I didn't present anything as fact, you assumed that on your own. This is a forum full of opinions. Nothing is factual. You do realize that don't ya? I am on a mountain bike forum, except you failed to realize YOU are in an ebike section of the forum!!! If you don't like talking about ebikes, or feel they don't warrant the conversation, then take it up with mtbr, attacking me in a forum you really don't belong in other than to be confrontational is asinine.

I'm not sure why you would even post in an ebike forum? You don't own an ebike nor do you intend to. For all rights and purposes you are in the wrong place buddy. I don't own a 29er, so you won't be seeing me in a niner forum criticizing anyone for riding a bike I don't own.


----------



## life behind bars (May 24, 2014)

ALimon said:


> I'm not sure why you would even post in an ebike forum? You don't own an ebike nor do you intend to. For all rights and purposes you are in the wrong place buddy. I don't own a 29er, so you won't be seeing me in a niner forum criticizing anyone for riding a bike I don't own.

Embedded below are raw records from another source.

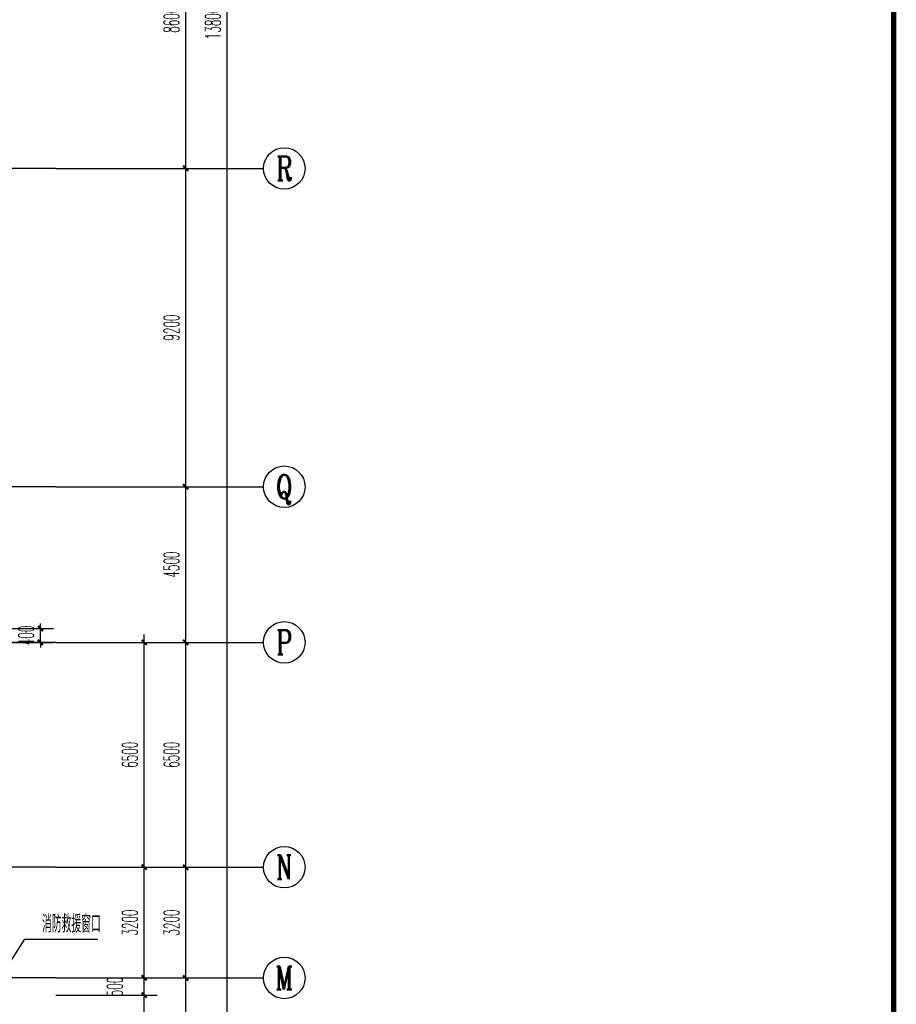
# Model space of a CAD drawing. Extents: x 1779708 to 7299578, y -1121471 to 88434.
# Tile 338 of 656: x 4651918 to 4677260, y -1020306 to -991843. Entities that reach past the tile are written whole.
import ezdxf
from ezdxf.enums import TextEntityAlignment as Align

# ---------------------------------------------------------------- set-up
doc = ezdxf.new("R2010")
doc.units = 0
doc.header["$LTSCALE"] = 1000
doc.header["$MEASUREMENT"] = 0
doc.linetypes.add('DOTE', pattern=[2.42, 2, -0.2, 0.02, -0.2])
doc.layers.get('0').update_dxf_attribs({"linetype": 'CONTINUOUS'})
doc.layers.get('Defpoints').update_dxf_attribs({"linetype": 'CONTINUOUS'})
for name, color, linetype in [('AXIS', 3, 'CONTINUOUS'), ('AXIS_TEXT', 7, 'CONTINUOUS'), ('DIM_LEAD', 3, 'CONTINUOUS'), ('DOTE', 1, 'DOTE'), ('PUB_DIM', 3, 'CONTINUOUS'), ('PUB_TEXT', 7, 'CONTINUOUS'), ('PUB_TITLE', 4, 'CONTINUOUS'), ('修改', 6, 'CONTINUOUS')]:
    doc.layers.add(name, color=color, linetype=linetype)
doc.styles.add('_TCH_AXIS', font='COMPLEX', dxfattribs={"bigfont": 'GBCBIG'})
doc.styles.add('_TCH_DIM', font='SIMPLEX.shx', dxfattribs={"width": 0.7, "bigfont": 'GBCBIG.shx'})
doc.styles.add('_TCH_DIM_T3', font='SIMPLEX.shx', dxfattribs={"width": 0.494118, "bigfont": 'GBCBIG.shx'})
doc.styles.add('COMPLEX', font='COMPLEX')
doc.dimstyles.new('_TCH_ARCH&&150', dxfattribs={"dimtxt": 446.25, "dimasz": 150, "dimexe": 375, "dimexo": 450, "dimgap": 189.375, "dimtad": 1, "dimdec": 0, "dimzin": 0, "dimdsep": 46, "dimtxsty": '_TCH_DIM_T3', "dimblk": 'ARCHTICK', "dimcen": 0.09, "dimdle": 225, "dimclrt": 7, "dimazin": 2, "dimtfac": 1, "dimtdec": 0, "dimtix": 1, "dimtmove": 2, "dimatfit": 3, "dimfxl": 250, "dimtolj": 1, "dimtzin": 0, "dimarcsym": 0})

# ---------------------------------------------------------------- blocks, each defined once
blk = doc.blocks.new('A$C36B43F05')
at = {"layer": 'PUB_TITLE', "const_width": 150}
blk.add_lwpolyline([(1500, 1500), (124650, 1500), (124650, 174600), (1500, 174600)], close=True, dxfattribs=at)
blk = doc.blocks.new('_AXISO')
blk.add_circle((0, 0), 0.5)
at = {"layer": 'AXIS_TEXT', "style": 'COMPLEX', "width": 1.041667}
blk.add_attdef('A', text='', height=0.56, dxfattribs=at).set_placement((-0.25, -0.28), (0.25, -0.28), align=Align.FIT)
blk = doc.blocks.new('_ArchTick')
at = {"color": 0, "linetype": 'ByBlock', "const_width": 0.4}
blk.add_lwpolyline([(-0.5, -0.5), (0.5, 0.5)], dxfattribs=at)
blk = doc.blocks.new('*D6864')
at = {"layer": 'AXIS', "color": 0, "lineweight": -2, "transparency": 16777216}
for p, q in [((87250, 147200), (92125, 147200)), ((91750, 8975), (91750, 147425)), ((87250, 9200), (92125, 9200))]:
    blk.add_line(p, q, dxfattribs=at)
at = {"layer": 'Defpoints', "color": 0, "transparency": 16777216}
for p in [(86800, 147200), (91750, 147200), (86800, 9200)]:
    blk.add_point(p, dxfattribs=at)
at = {"layer": 'AXIS', "color": 0, "lineweight": -2, "transparency": 16777216, "xscale": 150, "yscale": 150, "zscale": 150}
for p, rotation in [((91750, 147200), 90), ((91750, 9200), 270)]:
    blk.add_blockref('_ArchTick', p, dxfattribs=dict(at, rotation=rotation))
at = {"layer": 'AXIS', "color": 7, "transparency": 16777216, "insert": (91338, 78200), "char_height": 446.2, "attachment_point": 5, "rotation": 90, "style": '_TCH_DIM_T3'}
blk.add_mtext('\\A1;138000', dxfattribs=at)
blk = doc.blocks.new('*D6871')
at = {"layer": 'AXIS', "color": 0, "lineweight": -2, "transparency": 16777216}
for p, q in [((90550, 47075), (90550, 50725)), ((87250, 50500), (90925, 50500)), ((87250, 47300), (90925, 47300))]:
    blk.add_line(p, q, dxfattribs=at)
at = {"layer": 'Defpoints', "color": 0, "transparency": 16777216}
for p in [(86800, 50500), (90550, 50500), (86800, 47300)]:
    blk.add_point(p, dxfattribs=at)
at = {"layer": 'AXIS', "color": 0, "lineweight": -2, "transparency": 16777216, "xscale": 150, "yscale": 150, "zscale": 150}
for p, rotation in [((90550, 50500), 90), ((90550, 47300), 270)]:
    blk.add_blockref('_ArchTick', p, dxfattribs=dict(at, rotation=rotation))
at = {"layer": 'AXIS', "color": 7, "transparency": 16777216, "insert": (90138, 48900), "char_height": 446.2, "attachment_point": 5, "rotation": 90, "style": '_TCH_DIM_T3'}
blk.add_mtext('\\A1;3200', dxfattribs=at)
blk = doc.blocks.new('*D6872')
at = {"layer": 'AXIS', "color": 0, "lineweight": -2, "transparency": 16777216}
for p, q in [((90550, 50275), (90550, 53925)), ((87250, 53700), (90925, 53700)), ((87250, 50500), (90925, 50500))]:
    blk.add_line(p, q, dxfattribs=at)
at = {"layer": 'Defpoints', "color": 0, "transparency": 16777216}
for p in [(86800, 53700), (90550, 53700), (86800, 50500)]:
    blk.add_point(p, dxfattribs=at)
at = {"layer": 'AXIS', "color": 0, "lineweight": -2, "transparency": 16777216, "xscale": 150, "yscale": 150, "zscale": 150}
for p, rotation in [((90550, 53700), 90), ((90550, 50500), 270)]:
    blk.add_blockref('_ArchTick', p, dxfattribs=dict(at, rotation=rotation))
at = {"layer": 'AXIS', "color": 7, "transparency": 16777216, "insert": (90138, 52100), "char_height": 446.2, "attachment_point": 5, "rotation": 90, "style": '_TCH_DIM_T3'}
blk.add_mtext('\\A1;3200', dxfattribs=at)
blk = doc.blocks.new('*D6873')
at = {"layer": 'AXIS', "color": 0, "lineweight": -2, "transparency": 16777216}
for p, q in [((90550, 53475), (90550, 60425)), ((87250, 60200), (90925, 60200)), ((87250, 53700), (90925, 53700))]:
    blk.add_line(p, q, dxfattribs=at)
at = {"layer": 'Defpoints', "color": 0, "transparency": 16777216}
for p in [(86800, 60200), (90550, 60200), (86800, 53700)]:
    blk.add_point(p, dxfattribs=at)
at = {"layer": 'AXIS', "color": 0, "lineweight": -2, "transparency": 16777216, "xscale": 150, "yscale": 150, "zscale": 150}
for p, rotation in [((90550, 60200), 90), ((90550, 53700), 270)]:
    blk.add_blockref('_ArchTick', p, dxfattribs=dict(at, rotation=rotation))
at = {"layer": 'AXIS', "color": 7, "transparency": 16777216, "insert": (90138, 56950), "char_height": 446.2, "attachment_point": 5, "rotation": 90, "style": '_TCH_DIM_T3'}
blk.add_mtext('\\A1;6500', dxfattribs=at)
blk = doc.blocks.new('*D6874')
at = {"layer": 'AXIS', "color": 0, "lineweight": -2, "transparency": 16777216}
for p, q in [((90550, 59975), (90550, 64925)), ((87250, 64700), (90925, 64700)), ((87250, 60200), (90925, 60200))]:
    blk.add_line(p, q, dxfattribs=at)
at = {"layer": 'Defpoints', "color": 0, "transparency": 16777216}
for p in [(86800, 64700), (90550, 64700), (86800, 60200)]:
    blk.add_point(p, dxfattribs=at)
at = {"layer": 'AXIS', "color": 0, "lineweight": -2, "transparency": 16777216, "xscale": 150, "yscale": 150, "zscale": 150}
for p, rotation in [((90550, 64700), 90), ((90550, 60200), 270)]:
    blk.add_blockref('_ArchTick', p, dxfattribs=dict(at, rotation=rotation))
at = {"layer": 'AXIS', "color": 7, "transparency": 16777216, "insert": (90138, 62450), "char_height": 446.2, "attachment_point": 5, "rotation": 90, "style": '_TCH_DIM_T3'}
blk.add_mtext('\\A1;4500', dxfattribs=at)
blk = doc.blocks.new('*D6875')
at = {"layer": 'AXIS', "color": 0, "lineweight": -2, "transparency": 16777216}
for p, q in [((90550, 64475), (90550, 74125)), ((87250, 73900), (90925, 73900)), ((87250, 64700), (90925, 64700))]:
    blk.add_line(p, q, dxfattribs=at)
at = {"layer": 'Defpoints', "color": 0, "transparency": 16777216}
for p in [(86800, 73900), (90550, 73900), (86800, 64700)]:
    blk.add_point(p, dxfattribs=at)
at = {"layer": 'AXIS', "color": 0, "lineweight": -2, "transparency": 16777216, "xscale": 150, "yscale": 150, "zscale": 150}
for p, rotation in [((90550, 73900), 90), ((90550, 64700), 270)]:
    blk.add_blockref('_ArchTick', p, dxfattribs=dict(at, rotation=rotation))
at = {"layer": 'AXIS', "color": 7, "transparency": 16777216, "insert": (90138, 69300), "char_height": 446.2, "attachment_point": 5, "rotation": 90, "style": '_TCH_DIM_T3'}
blk.add_mtext('\\A1;9200', dxfattribs=at)
blk = doc.blocks.new('*D6876')
at = {"layer": 'AXIS', "color": 0, "lineweight": -2, "transparency": 16777216}
for p, q in [((90550, 73675), (90550, 82725)), ((87250, 82500), (90925, 82500)), ((87250, 73900), (90925, 73900))]:
    blk.add_line(p, q, dxfattribs=at)
at = {"layer": 'Defpoints', "color": 0, "transparency": 16777216}
for p in [(86800, 82500), (90550, 82500), (86800, 73900)]:
    blk.add_point(p, dxfattribs=at)
at = {"layer": 'AXIS', "color": 0, "lineweight": -2, "transparency": 16777216, "xscale": 150, "yscale": 150, "zscale": 150}
for p, rotation in [((90550, 82500), 90), ((90550, 73900), 270)]:
    blk.add_blockref('_ArchTick', p, dxfattribs=dict(at, rotation=rotation))
at = {"layer": 'AXIS', "color": 7, "transparency": 16777216, "insert": (90138, 78200), "char_height": 446.2, "attachment_point": 5, "rotation": 90, "style": '_TCH_DIM_T3'}
blk.add_mtext('\\A1;8600', dxfattribs=at)
blk = doc.blocks.new('*D6176')
at = {"layer": 'Defpoints', "color": 0, "transparency": 16777216}
for p in [(4652517, -1009843), (4655517, -1009843), (4652517, -1016343)]:
    blk.add_point(p, dxfattribs=at)
at = {"layer": 'PUB_DIM', "color": 0, "lineweight": -2, "transparency": 16777216}
for p, q in [((4652967, -1009843), (4655892, -1009843)), ((4655517, -1016568), (4655517, -1009618)), ((4652967, -1016343), (4655892, -1016343))]:
    blk.add_line(p, q, dxfattribs=at)
at = {"layer": 'PUB_DIM', "color": 0, "lineweight": -2, "transparency": 16777216, "xscale": 150, "yscale": 150, "zscale": 150}
for p, rotation in [((4655517, -1009843), 90), ((4655517, -1016343), 270)]:
    blk.add_blockref('_ArchTick', p, dxfattribs=dict(at, rotation=rotation))
at = {"layer": 'PUB_DIM', "color": 7, "transparency": 16777216, "insert": (4655105, -1013093), "char_height": 446.2, "attachment_point": 5, "rotation": 90, "style": '_TCH_DIM_T3'}
blk.add_mtext('\\A1;6500', dxfattribs=at)
blk = doc.blocks.new('*D6177')
at = {"layer": 'Defpoints', "color": 0, "transparency": 16777216}
for p in [(4652517, -1016343), (4655517, -1016343), (4652517, -1019543)]:
    blk.add_point(p, dxfattribs=at)
at = {"layer": 'PUB_DIM', "color": 0, "lineweight": -2, "transparency": 16777216}
for p, q in [((4652967, -1016343), (4655892, -1016343)), ((4655517, -1019768), (4655517, -1016118)), ((4652967, -1019543), (4655892, -1019543))]:
    blk.add_line(p, q, dxfattribs=at)
at = {"layer": 'PUB_DIM', "color": 0, "lineweight": -2, "transparency": 16777216, "xscale": 150, "yscale": 150, "zscale": 150}
for p, rotation in [((4655517, -1016343), 90), ((4655517, -1019543), 270)]:
    blk.add_blockref('_ArchTick', p, dxfattribs=dict(at, rotation=rotation))
at = {"layer": 'PUB_DIM', "color": 7, "transparency": 16777216, "insert": (4655105, -1017943), "char_height": 446.2, "attachment_point": 5, "rotation": 90, "style": '_TCH_DIM_T3'}
blk.add_mtext('\\A1;3200', dxfattribs=at)
blk = doc.blocks.new('*D6178')
at = {"layer": 'Defpoints', "color": 0, "transparency": 16777216}
for p in [(4652517, -1019543), (4655517, -1019543), (4652517, -1020043)]:
    blk.add_point(p, dxfattribs=at)
at = {"layer": 'PUB_DIM', "color": 0, "lineweight": -2, "transparency": 16777216}
for p, q in [((4655517, -1020268), (4655517, -1019318)), ((4652967, -1019543), (4655892, -1019543)), ((4652967, -1020043), (4655892, -1020043))]:
    blk.add_line(p, q, dxfattribs=at)
at = {"layer": 'PUB_DIM', "color": 0, "lineweight": -2, "transparency": 16777216, "xscale": 150, "yscale": 150, "zscale": 150}
for p, rotation in [((4655517, -1019543), 90), ((4655517, -1020043), 270)]:
    blk.add_blockref('_ArchTick', p, dxfattribs=dict(at, rotation=rotation))
at = {"layer": 'PUB_DIM', "color": 7, "transparency": 16777216, "insert": (4654666, -1019793), "char_height": 446.2, "attachment_point": 5, "rotation": 90, "style": '_TCH_DIM_T3'}
blk.add_mtext('\\A1;500', dxfattribs=at)
blk = doc.blocks.new('*D6179')
at = {"layer": 'Defpoints', "color": 0, "transparency": 16777216}
for p in [(4652517, -1020043), (4655517, -1020043), (4652517, -1022343)]:
    blk.add_point(p, dxfattribs=at)
at = {"layer": 'PUB_DIM', "color": 0, "lineweight": -2, "transparency": 16777216}
for p, q in [((4652967, -1020043), (4655892, -1020043)), ((4655517, -1022568), (4655517, -1019818)), ((4652967, -1022343), (4655892, -1022343))]:
    blk.add_line(p, q, dxfattribs=at)
at = {"layer": 'PUB_DIM', "color": 0, "lineweight": -2, "transparency": 16777216, "xscale": 150, "yscale": 150, "zscale": 150}
for p, rotation in [((4655517, -1020043), 90), ((4655517, -1022343), 270)]:
    blk.add_blockref('_ArchTick', p, dxfattribs=dict(at, rotation=rotation))
at = {"layer": 'PUB_DIM', "color": 7, "transparency": 16777216, "insert": (4655105, -1021193), "char_height": 446.2, "attachment_point": 5, "rotation": 90, "style": '_TCH_DIM_T3'}
blk.add_mtext('\\A1;2300', dxfattribs=at)
blk = doc.blocks.new('*D6377')
at = {"layer": 'Defpoints', "color": 0, "transparency": 16777216}
for p in [(4650967, -1009443), (4652517, -1009443), (4650967, -1009843)]:
    blk.add_point(p, dxfattribs=at)
at = {"layer": 'PUB_DIM', "color": 0, "lineweight": -2, "transparency": 16777216}
for p, q in [((4651417, -1009443), (4652892, -1009443)), ((4652517, -1009443), (4652517, -1009293)), ((4652517, -1009843), (4652517, -1009443)), ((4651417, -1009843), (4652892, -1009843)), ((4652517, -1009843), (4652517, -1009993))]:
    blk.add_line(p, q, dxfattribs=at)
at = {"layer": 'PUB_DIM', "color": 0, "lineweight": -2, "transparency": 16777216, "xscale": 150, "yscale": 150, "zscale": 150}
for p, rotation in [((4652517, -1009443), 270), ((4652517, -1009843), 90)]:
    blk.add_blockref('_ArchTick', p, dxfattribs=dict(at, rotation=rotation))
at = {"layer": 'PUB_DIM', "color": 7, "transparency": 16777216, "insert": (4652105, -1009643), "char_height": 446.2, "attachment_point": 5, "rotation": 90, "style": '_TCH_DIM_T3'}
blk.add_mtext('\\A1;400', dxfattribs=at)
blk = doc.blocks.new('A$C159220C3')
at = {"layer": 'AXIS'}
for p, q in [((86800, 73900), (92800, 73900)), ((86800, 64700), (92800, 64700)), ((86800, 60200), (92800, 60200)), ((86800, 53700), (92800, 53700)), ((86800, 50500), (92800, 50500))]:
    blk.add_line(p, q, dxfattribs=at)
at = {"layer": 'DOTE'}
for p, q in [((86800, 73900), (7200, 73900)), ((86800, 64700), (7200, 64700)), ((86800, 60200), (7200, 60200)), ((86800, 53700), (7200, 53700)), ((86800, 50500), (7200, 50500))]:
    blk.add_line(p, q, dxfattribs=at)
at = {"layer": 'AXIS'}
ref = blk.add_blockref('_AXISO', (93400, 73900), dxfattribs=dict(at, xscale=1200, yscale=1200, zscale=1200))
ref.add_attrib('A', 'R', dxfattribs={"layer": 'AXIS_TEXT', "height": 698.9, "style": '_TCH_AXIS', "width": 0.777778}).set_placement((93167, 73550.5), (93633, 73550.5), align=Align.FIT)
ref = blk.add_blockref('_AXISO', (93400, 64700), dxfattribs=dict(at, xscale=1200, yscale=1200, zscale=1200))
ref.add_attrib('A', 'Q', dxfattribs={"layer": 'AXIS_TEXT', "height": 689.6, "style": '_TCH_AXIS', "width": 0.913043}).set_placement((93160.2, 64355.2), (93639.8, 64355.2), align=Align.FIT)
ref = blk.add_blockref('_AXISO', (93400, 60200), dxfattribs=dict(at, xscale=1200, yscale=1200, zscale=1200))
ref.add_attrib('A', 'P', dxfattribs={"layer": 'AXIS_TEXT', "height": 698.9, "style": '_TCH_AXIS', "width": 0.823529}).set_placement((93167, 59850.5), (93633, 59850.5), align=Align.FIT)
ref = blk.add_blockref('_AXISO', (93400, 53700), dxfattribs=dict(at, xscale=1200, yscale=1200, zscale=1200))
ref.add_attrib('A', 'N', dxfattribs={"layer": 'AXIS_TEXT', "height": 698.9, "style": '_TCH_AXIS', "width": 0.736842}).set_placement((93167, 53350.5), (93633, 53350.5), align=Align.FIT)
ref = blk.add_blockref('_AXISO', (93400, 50500), dxfattribs=dict(at, xscale=1200, yscale=1200, zscale=1200))
ref.add_attrib('A', 'M', dxfattribs={"layer": 'AXIS_TEXT', "height": 668.2, "style": '_TCH_AXIS', "width": 0.761905}).set_placement((93145.5, 50165.9), (93654.5, 50165.9), align=Align.FIT)
for p1, p2, distance, picture, middle in [((86800, 9200), (86800, 147200), -4950, '*D6864', (91337.5, 78200)), ((86800, 73900), (86800, 82500), -3750, '*D6876', (90137.5, 78200)), ((86800, 64700), (86800, 73900), -3750, '*D6875', (90137.5, 69300)), ((86800, 60200), (86800, 64700), -3750, '*D6874', (90137.5, 62450)), ((86800, 53700), (86800, 60200), -3750, '*D6873', (90137.5, 56950)), ((86800, 50500), (86800, 53700), -3750, '*D6872', (90137.5, 52100)), ((86800, 47300), (86800, 50500), -3750, '*D6871', (90137.5, 48900))]:
    dim = blk.add_aligned_dim(p1=p1, p2=p2, distance=distance, dimstyle='_TCH_ARCH&&150', dxfattribs=at)
    dim.commit()
    dim.dimension.update_dxf_attribs({"geometry": picture, "text_midpoint": middle})

msp = doc.modelspace()

# ---------------------------------------------------------------- linework, layer by layer
at = {"layer": 'DIM_LEAD'}
for p, q in [((4650467.1, -1020928.4), (4652063, -1018423.7)), ((4652063, -1018423.7), (4654176.7, -1018423.7))]:
    msp.add_line(p, q, dxfattribs=at)

# ---------------------------------------------------------------- block references
at = {"layer": '修改'}
for name, p in [('A$C36B43F05', (4552534.8, -1084792.1)), ('A$C159220C3', (4566167.1, -1070043.3))]:
    msp.add_blockref(name, p, dxfattribs=at)

# ---------------------------------------------------------------- texts
at = {"layer": 'PUB_TEXT', "color": 7, "style": '_TCH_DIM', "width": 0.7}
msp.add_text('消防救援窗口', height=506.38, dxfattribs=at).set_placement((4652561, -1018232.7))

# ---------------------------------------------------------------- dimensions: what is measured, and where the dimension line sits
at = {"layer": 'PUB_DIM'}
for p1, p2, distance, picture, middle in [((4650967.1, -1009843.3), (4650967.1, -1009443.3), -1550, '*D6377', (4652104.6, -1009643.3)), ((4652517.1, -1016343.3), (4652517.1, -1009843.3), -3000, '*D6176', (4655104.6, -1013093.3)), ((4652517.1, -1019543.3), (4652517.1, -1016343.3), -3000, '*D6177', (4655104.6, -1017943.3)), ((4652517.1, -1022343.3), (4652517.1, -1020043.3), -3000, '*D6179', (4655104.6, -1021193.3))]:
    dim = msp.add_aligned_dim(p1=p1, p2=p2, distance=distance, dimstyle='_TCH_ARCH&&150', dxfattribs=at)
    dim.commit()
    dim.dimension.update_dxf_attribs({"geometry": picture, "text_midpoint": middle})
dim = msp.add_linear_dim(base=(4655517.1, -1019543.3), p1=(4652517.1, -1020043.3), p2=(4652517.1, -1019543.3), angle=90, dimstyle='_TCH_ARCH&&150', dxfattribs=at)
dim.commit()
dim.dimension.update_dxf_attribs({"geometry": '*D6178', "text_midpoint": (4654665.8, -1019793.3), "dimtype": 161})

doc.saveas('drawing.dxf')

This isn't the emotorbike sub forum Einstein. The safe space is over there --------------------->. E-Bikes - Mtbr.com


----------



## ALimon (Oct 12, 2017)

We all know it was before klurejr moved it because of the shenanigans. Einstein huh? Always the need for a jab eh? Classy!


----------



## leeboh (Aug 5, 2011)

ALimon said:


> I didn't present anything as fact, you assumed that on your own. This is a forum full of opinions. Nothing is factual. You do realize that don't ya? I am on a mountain bike forum, except you failed to realize YOU are in an ebike section of the forum!!! If you don't like talking about ebikes, or feel they don't warrant the conversation, then take it up with mtbr, attacking me in a forum you really don't belong in other than to be confrontational is asinine.
> 
> I'm not sure why you would even post in an ebike forum? You don't own an ebike nor do you intend to. For all rights and purposes you are in the wrong place buddy. I don't own a 29er, so you won't be seeing me in a niner forum criticizing anyone for riding a bike I don't own.


 What e bike are you currently riding?


----------



## TheDwayyo (Dec 2, 2014)

ALimon said:


> We all know it was before klurejr moved it because of the shenanigans. Einstein huh? Always the need for a jab eh? Classy!


Wait, because something previously was somewhere means it will always be there? Can you please inform my bank?


----------



## Klurejr (Oct 13, 2006)

ALimon said:


> Yes! *Ebikes will dominate the world*!
> 
> The case for bicycles' inevitable triumph over cars - May. 5, 2017





ALimon said:


> I didn't present anything as fact, you assumed that on your own.


To be very fair and frank. Using the word "will" in the sentence I quoted above is an example of you presenting something as a fact. If you really meant that as an opinion it might have been worded like this:

"Yes! In my opinion.... Ebikes will dominate the world!"

And then point out why the article you linked is backing up your opinion.

That said, It was pointed out that articles like the one there from CNN are speaking primarily about eBikes as a means for replacing cars and other forms of commuter transport. Not one person in this thread who has a problem with eBikes on trails has spoken out against eBikes use for commuting purposes.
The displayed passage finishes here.